* TASK GOAL
After reading the data below, copy out every line that contains the word "CIRCLE".

[[ ENTRIES SHOWN, beginning ]]

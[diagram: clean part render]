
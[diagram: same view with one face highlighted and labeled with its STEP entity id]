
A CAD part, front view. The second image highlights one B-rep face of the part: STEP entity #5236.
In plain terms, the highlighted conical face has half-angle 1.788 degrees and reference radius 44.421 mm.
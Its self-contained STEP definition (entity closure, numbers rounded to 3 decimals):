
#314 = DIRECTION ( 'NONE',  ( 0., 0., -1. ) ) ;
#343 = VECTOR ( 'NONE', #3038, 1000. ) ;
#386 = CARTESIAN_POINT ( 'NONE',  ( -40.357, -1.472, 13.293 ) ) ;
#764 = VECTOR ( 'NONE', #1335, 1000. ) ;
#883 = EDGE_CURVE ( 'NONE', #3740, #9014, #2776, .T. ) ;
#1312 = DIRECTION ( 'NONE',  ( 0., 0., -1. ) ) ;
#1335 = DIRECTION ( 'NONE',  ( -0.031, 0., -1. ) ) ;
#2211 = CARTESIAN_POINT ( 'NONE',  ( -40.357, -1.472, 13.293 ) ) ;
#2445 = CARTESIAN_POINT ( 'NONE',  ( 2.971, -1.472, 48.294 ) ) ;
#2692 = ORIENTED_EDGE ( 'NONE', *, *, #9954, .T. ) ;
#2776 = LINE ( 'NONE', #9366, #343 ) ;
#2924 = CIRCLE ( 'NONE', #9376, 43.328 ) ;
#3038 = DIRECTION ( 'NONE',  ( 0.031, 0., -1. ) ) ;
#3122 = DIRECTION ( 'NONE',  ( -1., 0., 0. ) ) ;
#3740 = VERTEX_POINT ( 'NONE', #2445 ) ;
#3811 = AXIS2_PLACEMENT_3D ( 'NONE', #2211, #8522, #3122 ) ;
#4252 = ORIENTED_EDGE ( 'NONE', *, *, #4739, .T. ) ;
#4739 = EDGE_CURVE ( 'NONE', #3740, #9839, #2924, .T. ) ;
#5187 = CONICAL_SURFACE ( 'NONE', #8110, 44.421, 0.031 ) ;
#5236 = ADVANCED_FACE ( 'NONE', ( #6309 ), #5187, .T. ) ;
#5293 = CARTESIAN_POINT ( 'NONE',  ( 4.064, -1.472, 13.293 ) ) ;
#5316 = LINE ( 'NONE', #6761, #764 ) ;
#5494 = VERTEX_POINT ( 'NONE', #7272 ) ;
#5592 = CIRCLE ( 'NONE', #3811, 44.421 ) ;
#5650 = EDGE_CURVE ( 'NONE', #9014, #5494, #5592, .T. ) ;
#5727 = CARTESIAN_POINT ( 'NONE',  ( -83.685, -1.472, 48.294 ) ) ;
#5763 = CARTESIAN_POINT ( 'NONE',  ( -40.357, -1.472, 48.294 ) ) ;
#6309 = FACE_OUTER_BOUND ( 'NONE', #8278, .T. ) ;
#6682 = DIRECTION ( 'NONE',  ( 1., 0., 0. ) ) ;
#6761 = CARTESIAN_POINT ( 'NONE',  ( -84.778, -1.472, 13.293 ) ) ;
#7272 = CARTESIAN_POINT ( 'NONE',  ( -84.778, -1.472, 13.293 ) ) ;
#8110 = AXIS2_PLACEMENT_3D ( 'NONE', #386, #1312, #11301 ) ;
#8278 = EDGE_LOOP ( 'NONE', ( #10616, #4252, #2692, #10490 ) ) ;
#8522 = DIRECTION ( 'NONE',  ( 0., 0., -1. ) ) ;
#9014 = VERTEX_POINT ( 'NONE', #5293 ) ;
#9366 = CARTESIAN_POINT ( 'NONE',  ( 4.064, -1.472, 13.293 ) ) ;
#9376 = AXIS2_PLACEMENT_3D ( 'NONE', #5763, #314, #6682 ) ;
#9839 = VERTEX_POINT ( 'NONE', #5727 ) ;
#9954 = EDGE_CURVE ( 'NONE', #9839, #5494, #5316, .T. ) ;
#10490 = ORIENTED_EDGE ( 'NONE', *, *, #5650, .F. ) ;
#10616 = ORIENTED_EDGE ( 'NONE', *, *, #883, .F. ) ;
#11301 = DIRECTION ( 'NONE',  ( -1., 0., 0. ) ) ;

[[ ENTRIES SHOWN, end ]]

* TASK OUTPUT
#2924 = CIRCLE ( 'NONE', #9376, 43.328 ) ;
#5592 = CIRCLE ( 'NONE', #3811, 44.421 ) ;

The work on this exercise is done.